**WHAT NEEDS TO BE DONE:**
Scan the entries line by line and return those with "Semiconductors".

**AVAILABLE DATA:**
———
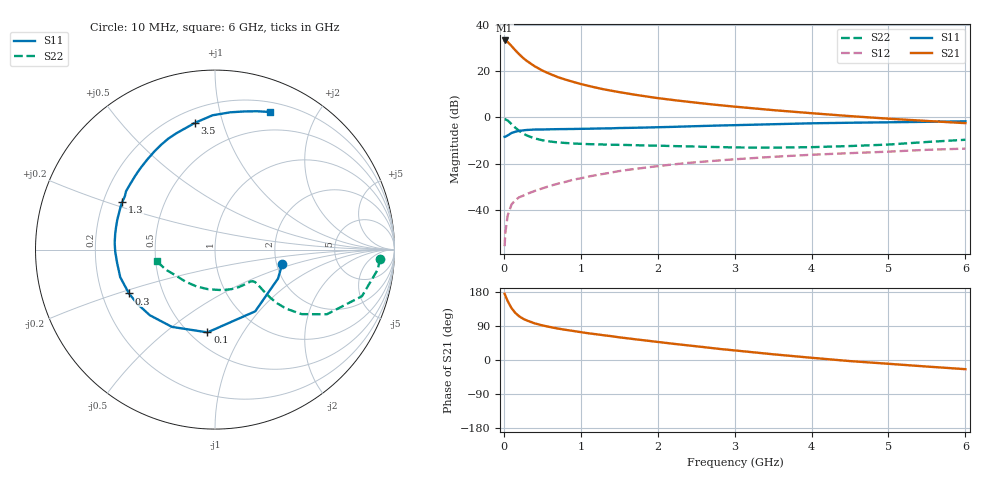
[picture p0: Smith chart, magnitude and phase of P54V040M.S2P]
! SIEMENS Small Signal Semiconductors
! BFP183
! Si NPN RF Bipolar Junction Transistor in SOT143
! VCE = 4 V  IC = 40 mA
! Common Emitter S-Parameters:  March  1996
# GHz  S  MA  R  50
!  f  S11  S21  S12  S22
! GHz  MAG  ANG  MAG  ANG  MAG  ANG  MAG  ANG
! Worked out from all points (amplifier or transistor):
!   36 points, 10 MHz to 6 GHz, reference 50 ohm
!   highest |S21| = 33.1 dB at 10 MHz (marker M1)
!   |S21| within 3 dB of that: start of sweep to 116 MHz
!   unconditionally stable (mu >= 1): 501.3 MHz to 5.783 GHz
!   at 250 MHz: K = 0.69, MSG = 29.7 dB, |S12| = -33.7 dB
!   at 1.4 GHz: K = 1.23, MAG = 14.7 dB, |S12| = -23.7 dB
!   at 6 GHz: K = 0.98, MSG = 5.5 dB, |S12| = -13.4 dB
!   S11 on the Smith chart (normalised r, x): 10 MHz: 2.15, -0.40; 100 MHz: 0.61, -0.71; 300 MHz: 0.32, -0.22; 1.3 GHz: 0.28, +0.22; 3.5 GHz: 0.28, +0.81; 6 GHz: 0.30, +1.43
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0.01  0.3832 -12.1  45.38 174.7  0.0017 77.7  0.9219 -3.2
0.02  0.3864 -24.7  45.05 169.9  0.0034 79.6  0.9127 -7.1
0.05  0.4105 -56.9  42.11 155.4  0.0078 73.6  0.8589 -17.6
0.1  0.4631 -95.2  34.37 136.9  0.0134 59.5  0.7203 -30.0
0.15  0.4929 -119.1  27.82 124.1  0.0167 53.6  0.6017 -36.7
0.2  0.5154 -134.8  22.84 115.3  0.0192 52.4  0.5146 -39.7
0.25  0.5275 -144.9  19.1 108.9  0.0207 50.6  0.4539 -40.9
0.3  0.538 -153.0  16.41 104.2  0.0226 51.6  0.4085 -41.0
0.4  0.5499 -163.7  12.68 96.8  0.0262 54.3  0.3548 -40.4
0.5  0.5504 -172.2  10.22 91.4  0.0298 54.7  0.323 -39.7
0.6  0.556 -178.8  8.647 87.0  0.0336 56.3  0.3037 -39.2
0.7  0.5602 176.2  7.393 83.1  0.0375 58.0  0.2905 -39.0
0.8  0.5625 171.5  6.534 79.7  0.041 58.2  0.2826 -39.3
1.1  0.572 159.4  4.783 70.5  0.0535 59.3  0.2668 -41.6
1.3  0.581 152.9  4.03 65.2  0.0613 58.7  0.2617 -44.5
1.7  0.6002 140.1  3.089 54.9  0.078 56.4  0.2533 -51.4
2.2  0.6277 127.0  2.374 42.9  0.0976 52.2  0.2421 -62.2
2.8  0.6708 112.8  1.84 29.3  0.119 46.4  0.2306 -78.1
3.5  0.715 99.0  1.438 15.1  0.1422 40.0  0.2242 -99.6
4.5  0.7695 83.7  1.069 -2.9  0.1707 30.3  0.2427 -132.7
5.5  0.806 73.0  0.841 -17.3  0.2012 22.1  0.2969 -158.1
6  0.8252 68.3  0.755 -24.2  0.2137 17.2  0.3311 -168.9
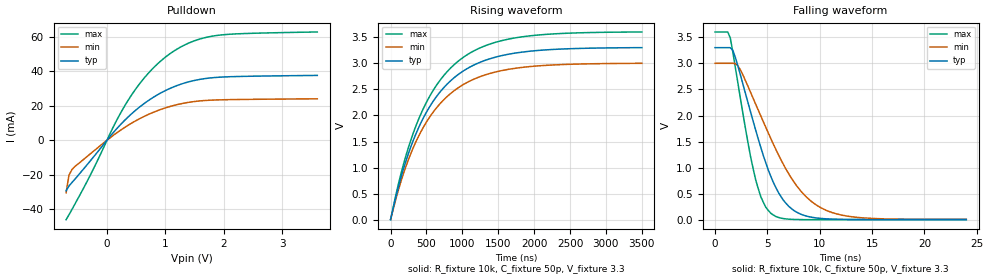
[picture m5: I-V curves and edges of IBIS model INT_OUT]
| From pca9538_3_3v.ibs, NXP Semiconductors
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[Model]   INT_OUT
Model_type Open_drain
Vref=3.3
Vmeas=1.65
Rref=10k
Cref=50p
C_comp   5.2p   5p   5.4p
[Temperature Range] 27   85   -40
[Voltage Range]   3.3   3   3.6
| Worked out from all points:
|   slope of the pulldown table from 0 to 0.495 V, typ, clamps not added: 28.2 ohm
|   falling waveform, R_fixture 10k, C_fixture 50p, V_fixture 3.3: 20-80 % time 3.09ns typ, 4.49ns min, 1.98ns max; typ from 3.3 V to 0.008 V
|   rising waveform, R_fixture 10k, C_fixture 50p, V_fixture 3.3: 20-80 % time 702ns typ, 703ns min, 701ns max; typ from 0.008 V to 3.3 V
[Pulldown]
-700mV    -29.34mA   -30.57mA   -46.16mA
-650mV    -26.57mA   -20.28mA   -43.28mA
-600mV    -24.56mA   -17.03mA   -40.24mA
-250mV    -10.52mA   -6.91mA    -17.88mA
150mV     6.068mA    3.88mA     10.55mA
350mV     13.13mA    8.458mA    22.56mA
500mV     17.69mA    11.45mA    30.15mA
700mV     22.87mA    14.86mA    38.63mA
1.05V     29.66mA    19.33mA    49.58mA
1.45V     34.38mA    22.29mA    57.17mA
1.85V     36.45mA    23.38mA    60.73mA
3.6V      37.67mA    24.07mA    62.9mA
[Falling Waveform]
R_fixture=10k
C_fixture=50p
V_fixture=3.3
V_fixture_min=3
V_fixture_max=3.6
0s        3.3V       3V         3.6V
1.455ns   3.299V     3V         3.485V
2.182ns   2.949V     2.952V     2.62V
3.879ns   1.722V     2.218V     769.2mV
4.364ns   1.393V     1.994V     447.5mV
5.333ns   832.4mV    1.556V     126.7mV
6.545ns   372.9mV    1.058V     25.84mV
7.515ns   182.6mV    734.5mV    9.656mV
10.67ns   21.08mV    179.8mV    4.868mV
24ns      7.773mV    11.27mV    4.826mV
[Rising Waveform]
R_fixture=10k
C_fixture=50p
V_fixture=3.3
V_fixture_min=3
V_fixture_max=3.6
0s        7.771mV    11.11mV    4.827mV
106.1ns   613.2mV    558.2mV    668.8mV
212.1ns   1.118V     1.016V     1.221V
318.2ns   1.529V     1.389V     1.67V
424.2ns   1.863V     1.692V     2.034V
671.7ns   2.417V     2.196V     2.639V
989.9ns   2.829V     2.57V      3.088V
1.343us   3.065V     2.786V     3.345V
1.803us   3.205V     2.913V     3.497V
3.5us     3.296V     2.996V     3.596V
[Ramp]
R_load=10k
dV/dt_r   1.776E+0/8.850E-9   1.716E+0/9.131E-9   1.837E+0/8.389E-9
dV/dt_f   1.975E+0/1.440E-10   1.973E+0/2.182E-10   1.977E+0/7.953E-11
|[End   INT_OUT
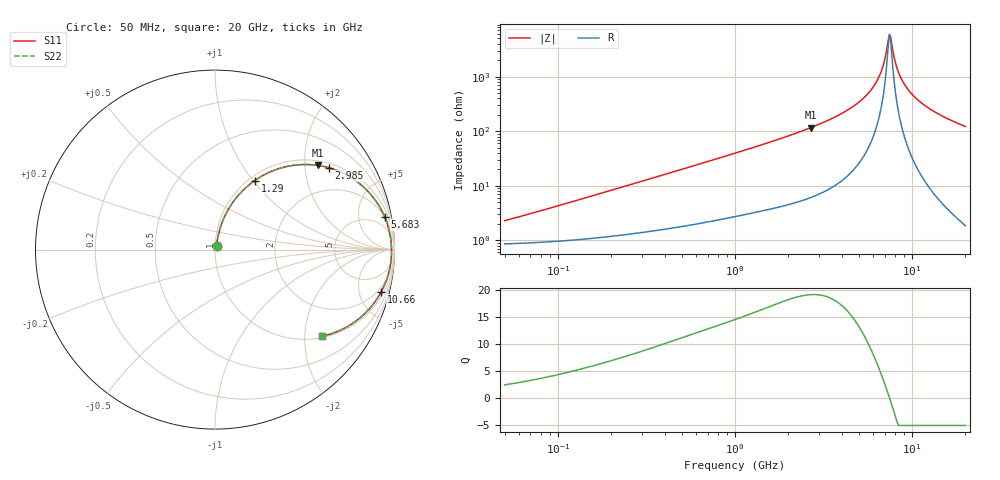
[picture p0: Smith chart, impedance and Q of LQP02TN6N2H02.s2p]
!Murata Part Number: LQP02TN6N2H02
!These Parameters are Measured in Series Mode Connection
!  o--[Z]--o
!Port1  Port2
!  o-------o
!Freq. Start=50[MHz] Stop=20[GHz], 401[Steps]
# Hz S RI R 50
!Freq.(Hz) S11(Real) S11(Imag) S21(Real) S21(Imag) S12(Real) S12(Imag) S22(Real) S22(Imag)
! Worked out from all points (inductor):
!   401 points, 50 MHz to 20 GHz, reference 50 ohm
!   read as one part in series: L = 6.7 nH near 63.54 MHz
!   highest Q = 19.1 at 2.687 GHz (marker M1), where L = 6.9 nH
!   self-resonance near 7.442 GHz
!   S11 on the Smith chart (normalised r, x): 50 MHz: 1.02, +0.04; 1.29 GHz: 1.06, +1.02; 2.985 GHz: 1.14, +2.68; 5.683 GHz: 2, +10; 10.66 GHz: 1.42, -7.70; 20 GHz: 1.04, -2.43
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5e7  0.00898 0.0209  0.991 -0.0209  0.991 -0.0209  0.00898 0.0209
1.364002e8  0.0134 0.0552  0.9866 -0.0552  0.9866 -0.0552  0.0134 0.0552
3.721004e8  0.036 0.1418  0.964 -0.1418  0.964 -0.1418  0.036 0.1418
1e9  0.1515 0.3257  0.8485 -0.3257  0.8485 -0.3257  0.1515 0.3257
1.289994e9  0.2218 0.385  0.7782 -0.385  0.7782 -0.385  0.2218 0.385
2.687447e9  0.5729 0.4691  0.4271 -0.4691  0.4271 -0.4691  0.5729 0.4691
2.728004e9  0.5818 0.4677  0.4182 -0.4677  0.4182 -0.4677  0.5818 0.4677
2.98453e9  0.6356 0.4557  0.3644 -0.4557  0.3644 -0.4557  0.6356 0.4557
4.34015e9  0.8433 0.3335  0.1567 -0.3335  0.1567 -0.3335  0.8433 0.3335
5.683258e9  0.9451 0.1828  0.0549 -0.1828  0.0549 -0.1828  0.9451 0.1828
6.217679e9  0.9656 0.1248  0.0344 -0.1248  0.0344 -0.1248  0.9656 0.1248
6.601595e9  0.975 0.0848  0.025 -0.0848  0.025 -0.0848  0.975 0.0848
6.905011e9  0.9799 0.0542  0.0201 -0.0542  0.0201 -0.0542  0.9799 0.0542
7.331367e9  0.9833 0.0131  0.0167 -0.0131  0.0167 -0.0131  0.9833 0.0131
7.442007e9  0.9836 0.00281  0.0164 -0.00281  0.0164 -0.00281  0.9836 0.00281
7.668323e9  0.9836 -0.0179  0.0164 0.0179  0.0164 0.0179  0.9836 -0.0179
8.141811e9  0.9808 -0.0591  0.0192 0.0591  0.0192 0.0591  0.9808 -0.0591
8.644534e9  0.9745 -0.1  0.0255 0.1  0.0255 0.1  0.9745 -0.1
9.457416e9  0.9586 -0.1601  0.0414 0.1601  0.0414 0.1601  0.9586 -0.1601
1.066139e10  0.9257 -0.2362  0.0743 0.2362  0.0743 0.2362  0.9257 -0.2362
1.396067e10  0.8088 -0.3795  0.1912 0.3795  0.1912 0.3795  0.8088 -0.3795
2e10  0.5955 -0.4832  0.4045 0.4832  0.4045 0.4832  0.5955 -0.4832
———
**RESULT OF THIS TASK:**
! SIEMENS Small Signal Semiconductors
| From pca9538_3_3v.ibs, NXP Semiconductors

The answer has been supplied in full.